Applying transformations involves selecting the appropriate built-in transformation and configuring it to meet the specific needs of the dataset. This process is critical for ensuring that the data is in the right format and quality for downstream analytics.

In [None]:
# Example: Using the 'Map' Transformation
# This transformation applies a function to each element in a dataset.
transformed_data = data.map(lambda x: {'new_field': x['old_field'] * 2})
# The transformed_data will now contain a new field with doubled values.

### Micro-exercise: Applying Transformations
**Prompt:** Demonstrate how to apply a specific transformation in an ETL job using AWS Glue.

**Starter Code:**
```python
# Example starter code for applying a transformation
transformed_data = data.apply_transformation('transformation_name')
```
**Hint:** Make sure to check the data types before applying transformations.

In [None]:
# Starter code for Micro-exercise 2
# Applying a transformation
transformed_data = data.apply_transformation('Map')
# Print the transformed data
print(transformed_data)

## Examples of Built-in Transformations
### Example 1: Using the 'Drop Fields' Transformation
This example demonstrates how to remove unnecessary fields from a dataset to streamline data processing.
```python
transformed_data = data.drop_fields(['unnecessary_field1', 'unnecessary_field2'])
```
### Example 2: Using the 'Map' Transformation
This example shows how to apply a function to each element in a dataset, transforming the data as needed.
```python
transformed_data = data.map(lambda x: {'new_field': x['old_field'] * 2})
```

## Micro-exercises
1. **Prompt:** List the built-in transformations available in AWS Glue and describe their functionalities.
   **Hint:** Refer to the AWS Glue documentation for a comprehensive list.
2. **Prompt:** Demonstrate how to apply a specific transformation in an ETL job using AWS Glue.
   **Starter Code:**
   ```python
   # Example starter code for applying a transformation
   transformed_data = data.apply_transformation('transformation_name')
   ```
   **Hint:** Make sure to check the data types before applying transformations.

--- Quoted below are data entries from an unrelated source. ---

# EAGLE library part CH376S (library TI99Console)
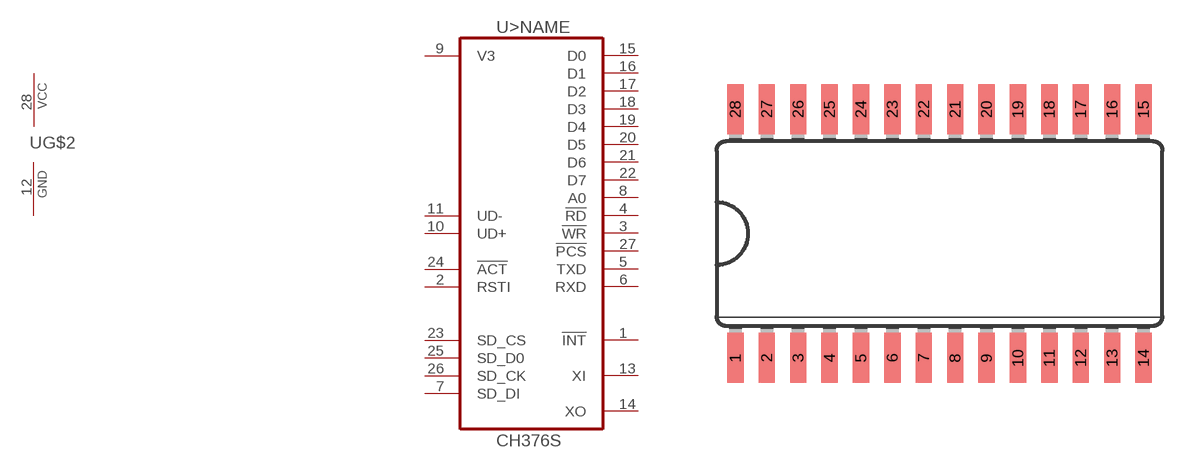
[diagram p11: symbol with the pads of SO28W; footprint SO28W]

Designator prefix -; gates >NAME=CH376S G$2=74XX-US_PWRN

## CH376SPIO  [SO28W]
1  >NAME:!INT  out
2  >NAME:RSTI  in
3  >NAME:!WR  in
4  >NAME:!RD  in
5  >NAME:TXD  pas
6  >NAME:RXD  pas
7  >NAME:SD_DI  in
8  >NAME:A0  in
9  >NAME:V3  hiz
10  >NAME:UD+  hiz
11  >NAME:UD-  hiz
12  G$2:GND  pwr
13  >NAME:XI  pas
14  >NAME:XO  pas
15  >NAME:D0
16  >NAME:D1
17  >NAME:D2
18  >NAME:D3
19  >NAME:D4
20  >NAME:D5
21  >NAME:D6
22  >NAME:D7
23  >NAME:SD_CS  out
24  >NAME:!ACT  in
25  >NAME:SD_D0  out
26  >NAME:SD_CK  out
27  >NAME:!PCS  in
28  G$2:VCC  pwr

## Footprint SO28W (pad centres in mm)
smd 0.66 x 2.032: 1 -6.985,-1.219; 2 -5.715,-1.219; 3 -4.445,-1.219; 4 -3.175,-1.219; 5 -1.905,-1.219; 6 -0.635,-1.219; 7 0.635,-1.219; 8 1.905,-1.219; 9 3.175,-1.219; 10 4.445,-1.219; 11 5.715,-1.219; 12 6.985,-1.219; 13 8.255,-1.219; 14 9.525,-1.219; 15 9.525,8.839; 16 8.255,8.839; 17 6.985,8.839; 18 5.715,8.839; 19 4.445,8.839; 20 3.175,8.839; 21 1.905,8.839; 22 0.635,8.839; 23 -0.635,8.839; 24 -1.905,8.839; 25 -3.175,8.839; 26 -4.445,8.839; 27 -5.715,8.839; 28 -6.985,8.839
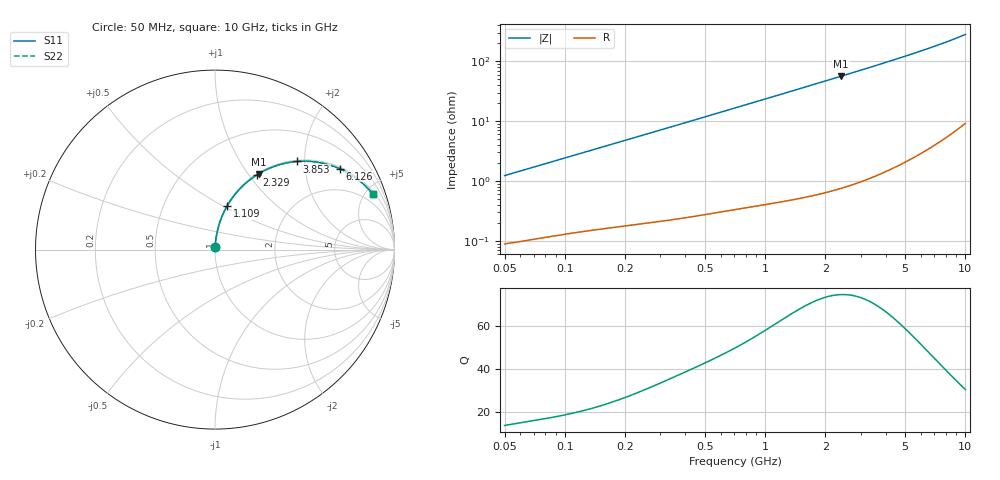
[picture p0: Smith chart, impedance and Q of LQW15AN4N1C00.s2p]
!Murata Part Number: LQW15AN4N1C00
!These Parameters are Measured in Series Mode Connection
!  o--[Z]--o
!Port1  Port2
!  o-------o
!Freq. Start=50[MHz] Stop=10[GHz], 401[Steps]
# Hz S RI R 50
!Freq.(Hz)	S 11(Real)	S 11(Imag)	S 21(Real)	S 21(Imag)	S 12(Real)	S 12(Imag)	S 22(Real)	S 22(Imag)
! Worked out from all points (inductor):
!   401 points, 50 MHz to 10 GHz, reference 50 ohm
!   read as one part in series: L = 3.89 nH near 51.34 MHz
!   highest Q = 74.6 at 2.392 GHz (marker M1), where L = 3.74 nH
!   S11 on the Smith chart (normalised r, x): 50 MHz: 1.00, +0.02; 1.109 GHz: 1.01, +0.52; 2.329 GHz: 1.01, +1.09; 3.853 GHz: 1.03, +1.84; 6.126 GHz: 1.06, +3.04; 10 GHz: 1.18, +5.59
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5e7  0.00104 0.0123  0.999 -0.0123  0.999 -0.0123  0.00104 0.0123
1.214486e8  0.00227 0.0291  0.9977 -0.0291  0.9977 -0.0291  0.00227 0.0291
1.956524e8  0.0039 0.0463  0.9961 -0.0463  0.9961 -0.0463  0.0039 0.0463
2.949953e8  0.0069 0.0691  0.9931 -0.0691  0.9931 -0.0691  0.0069 0.0691
4.689809e8  0.0146 0.1084  0.9854 -0.1084  0.9854 -0.1084  0.0146 0.1084
7.071068e8  0.0298 0.1602  0.9702 -0.1602  0.9702 -0.1602  0.0298 0.1602
8.974936e8  0.0455 0.1996  0.9545 -0.1996  0.9545 -0.1996  0.0455 0.1996
1.10936e9  0.0665 0.241  0.9335 -0.241  0.9335 -0.241  0.0665 0.241
1.389525e9  0.0989 0.2911  0.9011 -0.2911  0.9011 -0.2911  0.0989 0.2911
1.717543e9  0.1424 0.3425  0.8576 -0.3425  0.8576 -0.3425  0.1424 0.3425
2.013439e9  0.1852 0.3817  0.8148 -0.3817  0.8148 -0.3817  0.1852 0.3817
2.329253e9  0.233 0.4161  0.767 -0.4161  0.767 -0.4161  0.233 0.4161
2.391784e9  0.2426 0.422  0.7574 -0.422  0.7574 -0.422  0.2426 0.422
3.076244e9  0.3474 0.4693  0.6526 -0.4693  0.6526 -0.4693  0.3474 0.4693
3.853138e9  0.458 0.4909  0.542 -0.4909  0.542 -0.4909  0.458 0.4909
4.171863e9  0.4993 0.4924  0.5007 -0.4924  0.5007 -0.4924  0.4993 0.4924
5.021877e9  0.5959 0.4823  0.4041 -0.4823  0.4041 -0.4823  0.5959 0.4823
6.125686e9  0.6942 0.4509  0.3058 -0.4509  0.3058 -0.4509  0.6942 0.4509
6.993273e9  0.7535 0.42  0.2465 -0.42  0.2465 -0.42  0.7535 0.42
7.983737e9  0.8061 0.3829  0.1939 -0.3829  0.1939 -0.3829  0.8061 0.3829
9.114482e9  0.8515 0.3413  0.1485 -0.3413  0.1485 -0.3413  0.8515 0.3413
1e10  0.8789 0.3103  0.1211 -0.3103  0.1211 -0.3103  0.8789 0.3103
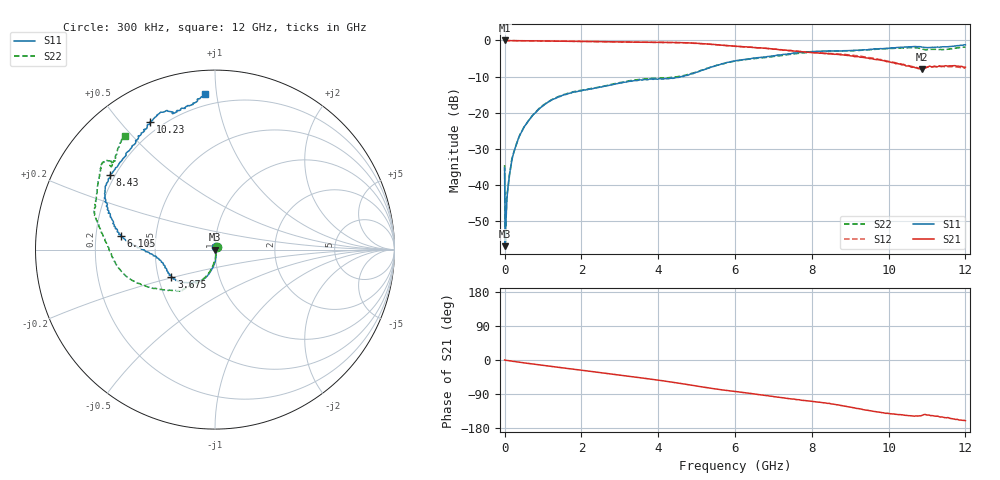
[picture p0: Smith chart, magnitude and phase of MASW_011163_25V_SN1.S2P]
!Agilent Technologies,E5071C,MY46418240,A.11.23
!Date: Mon Dec 07 11:49:18 2020
!Data & Calibration Information:
!Freq	S11:SOLT2(ON)	S21:SOLT2(ON)	S12:SOLT2(ON)	S22:SOLT2(ON)
!PortZ  Port1:50+j0  Port2:50+j0
!Above PortZ is port z conversion or system Z0 setting when saving the data.
!When reading, reference impedance value at option line is always used.
# Hz S dB R 50
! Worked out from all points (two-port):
!   801 points, 300 kHz to 12 GHz, reference 50 ohm
!   highest |S21| = -0.02 dB at 300 kHz (marker M1); lowest = -8.0 dB at 10.88 GHz (marker M2)
!   |S21| within 3 dB of the highest: start of sweep to 7.631 GHz
!   lowest |S11| = -57.0 dB at 15.3 MHz (marker M3), VSWR 1.00, Z = 50.1 - j0.0236 ohm
!   |S11| at or under -10 dB: start of sweep to 4.632 GHz
!   |S22| runs from -56.5 to -1.8 dB; largest |S21 - S12| = 0.043
!   S11 on the Smith chart (normalised r, x): 300 kHz: 1.01, +0.03; 3.675 GHz: 0.59, -0.20; 6.105 GHz: 0.31, +0.07; 8.43 GHz: 0.18, +0.31; 10.23 GHz: 0.15, +0.60; 12 GHz: 0.13, +0.93
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300000  -35.34 66.9  -0.02 0.1  -0.02 0.2  -34.54 60.7
1.529962e7  -56.96 -9.5  -0.06 -0.4  -0.06 -0.3  -56.46 -56.8
7.529812e7  -42.01 -54.0  -0.06 -1.4  -0.06 -1.4  -41.87 -58.6
1.052974e8  -39.03 -59.9  -0.06 -1.8  -0.06 -1.8  -39.03 -62.3
1.502962e8  -35.50 -65.6  -0.07 -2.5  -0.07 -2.5  -36.02 -65.5
2.852929e8  -29.47 -79.8  -0.08 -4.5  -0.07 -4.5  -29.46 -83.0
4.352891e8  -25.46 -86.6  -0.09 -6.6  -0.09 -6.6  -25.37 -88.5
6.452839e8  -21.95 -92.6  -0.11 -9.5  -0.11 -9.5  -21.90 -95.8
1.20027e9  -16.69 -105.4  -0.19 -16.8  -0.19 -16.8  -16.58 -107.1
2.01025e9  -13.93 -118.4  -0.29 -27.1  -0.29 -27.1  -13.78 -116.8
3.675208e9  -10.84 -147.6  -0.52 -48.7  -0.53 -48.8  -10.63 -129.3
4.0052e9  -10.72 -155.6  -0.55 -53.2  -0.56 -53.3  -10.48 -130.0
4.995175e9  -8.82 -176.3  -0.80 -68.6  -0.82 -68.8  -8.71 -142.2
6.00015e9  -5.68 172.3  -1.60 -83.0  -1.63 -83.5  -5.72 -163.4
6.105147e9  -5.50 171.6  -1.68 -84.3  -1.70 -84.9  -5.56 -165.3
8.0101e9  -3.08 150.7  -3.38 -109.1  -3.34 -110.3  -3.23 165.0
8.430089e9  -2.89 144.4  -3.76 -114.3  -3.59 -115.8  -3.01 162.2
1.000505e10  -2.20 119.3  -5.91 -141.1  -5.82 -139.8  -2.27 146.5
1.023004e10  -1.96 116.8  -6.43 -143.9  -6.33 -142.0  -2.14 144.7
1.087503e10  -1.86 107.9  -7.95 -145.7  -7.87 -141.8  -2.39 139.6
1.146001e10  -1.76 100.6  -7.08 -152.1  -7.27 -146.9  -2.52 137.8
1.2e10  -1.21 93.8  -7.40 -160.2  -7.74 -155.7  -1.84 128.2
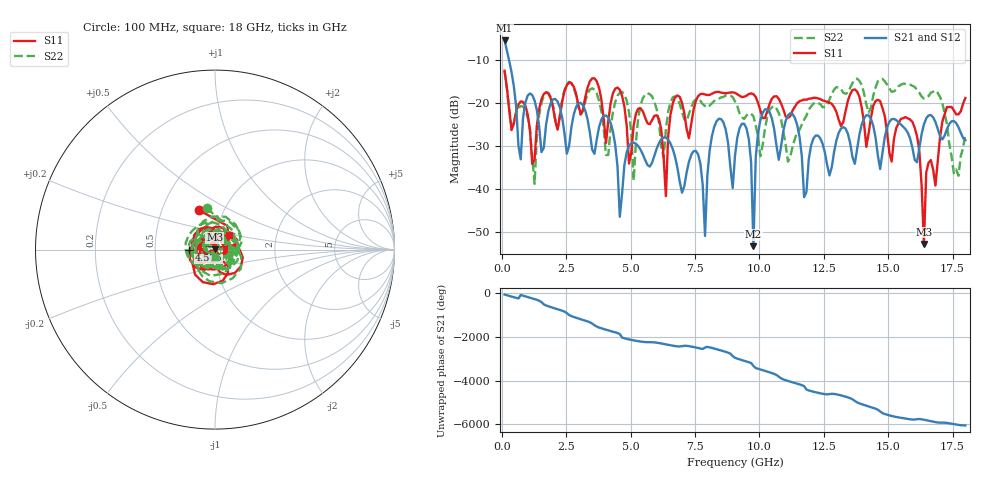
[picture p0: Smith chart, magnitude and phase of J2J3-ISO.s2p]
!Agilent Technologies,E8364B,MY43040528,A.07.50.67
!Agilent E8364B: A.07.50.67
!Date: Wednesday, May 04, 2022 12:36:08
!Correction: S11(Full 2 Port(1,2))
!S21(Full 2 Port(1,2))
!S12(Full 2 Port(1,2))
!S22(Full 2 Port(1,2))
!S2P File: Measurements: S11, S21, S12, S22:
# Hz S  dB  R 50
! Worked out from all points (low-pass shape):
!   201 points, 100 MHz to 18 GHz, reference 50 ohm
!   highest |S21| = -5.43 dB at 100 MHz (marker M1); lowest = -53.4 dB at 9.766 GHz (marker M2)
!   |S21| within 3 dB of the highest: start of sweep to 214.5 MHz
!   lowest |S11| = -52.9 dB at 16.39 GHz (marker M3), VSWR 1.00, Z = 49.8 + j0.127 ohm
!   |S11| at or under -10 dB: start of sweep to end of sweep
!   |S22| runs from -38.9 to -12.6 dB; largest |S21 - S12| = 0.0035
!   S11 on the Smith chart (normalised r, x): 100 MHz: 0.76, +0.36; 4.575 GHz: 0.75, -0.01; 18 GHz: 1.16, +0.19
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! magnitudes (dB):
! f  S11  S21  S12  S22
! 100 MHz  -12.5  -5.4  -5.4  -12.6
! 726.5 MHz  -19.6  -33.2  -33.1  -20.7
! 1.264 GHz  -33.2  -19.4  -19.4  -38.9
! 1.621 GHz  -17.9  -30.5  -30.4  -18.3
! 3.143 GHz  -21.6  -20.5  -20.5  -21.9
! 4.217 GHz  -20.1  -24.7  -24.6  -25.9
! 4.575 GHz  -16.9  -46.6  -46.5  -17.6
! 5.112 GHz  -25.3  -29.2  -29.2  -38.2
! 6.096 GHz  -23.7  -29.4  -29.3  -24.6
! 6.365 GHz  -41.7  -28.1  -28.0  -26.2
! 6.723 GHz  -18.6  -32.6  -32.6  -18.5
! 7.886 GHz  -18.0  -51.0  -51.0  -20.7
! 8.245 GHz  -17.6  -25.6  -25.5  -19.5
! 9.05 GHz  -17.7  -32.3  -32.3  -19.6
! 9.587 GHz  -17.9  -28.5  -28.4  -22.5
! 9.766 GHz  -18.0  -53.4  -53.4  -23.1
! 10.12 GHz  -23.5  -22.3  -22.3  -29.8
! 12.09 GHz  -18.8  -28.3  -28.3  -20.2
! 15.05 GHz  -31.6  -24.4  -24.3  -16.6
! 16.03 GHz  -25.8  -33.3  -33.3  -16.3
! 16.39 GHz  -52.9  -25.0  -25.0  -19.0
! 18 GHz  -18.9  -28.7  -28.6  -27.2

## Main Exercise: Applying Built-in Transformations to a Dataset
In this exercise, you will select a dataset in AWS Glue, choose a built-in transformation to apply, and run the ETL job to observe the results. You will also document the transformation process and the output.

**Starter Code:**
```python
# Starter code for the main exercise
selected_data = glueContext.create_dynamic_frame.from_catalog(database='your_database', table_name='your_table')
transformed_data = selected_data.apply_transformation('your_transformation')
```
**Expected Outcomes:**
- A transformed dataset reflecting the applied transformations.
- Documentation of the transformation steps taken and the rationale behind them.

In [None]:
# Starter code for Main Exercise
# Load data from AWS Glue catalog
selected_data = glueContext.create_dynamic_frame.from_catalog(database='your_database', table_name='your_table')
# Apply a transformation
transformed_data = selected_data.apply_transformation('Drop Fields')
# Show the transformed data
transformed_data.show()

## Common Mistakes
- Not understanding the data type requirements for transformations.
- Applying transformations without validating the output, leading to data quality issues.

## Recap & Next Steps
In this lesson, we covered the built-in transformations available in AWS Glue, how to apply them in ETL jobs, and explored relevant use cases. Understanding these concepts is crucial for effective data preparation and ensuring data quality. In the next lesson, we will delve deeper into advanced transformation techniques.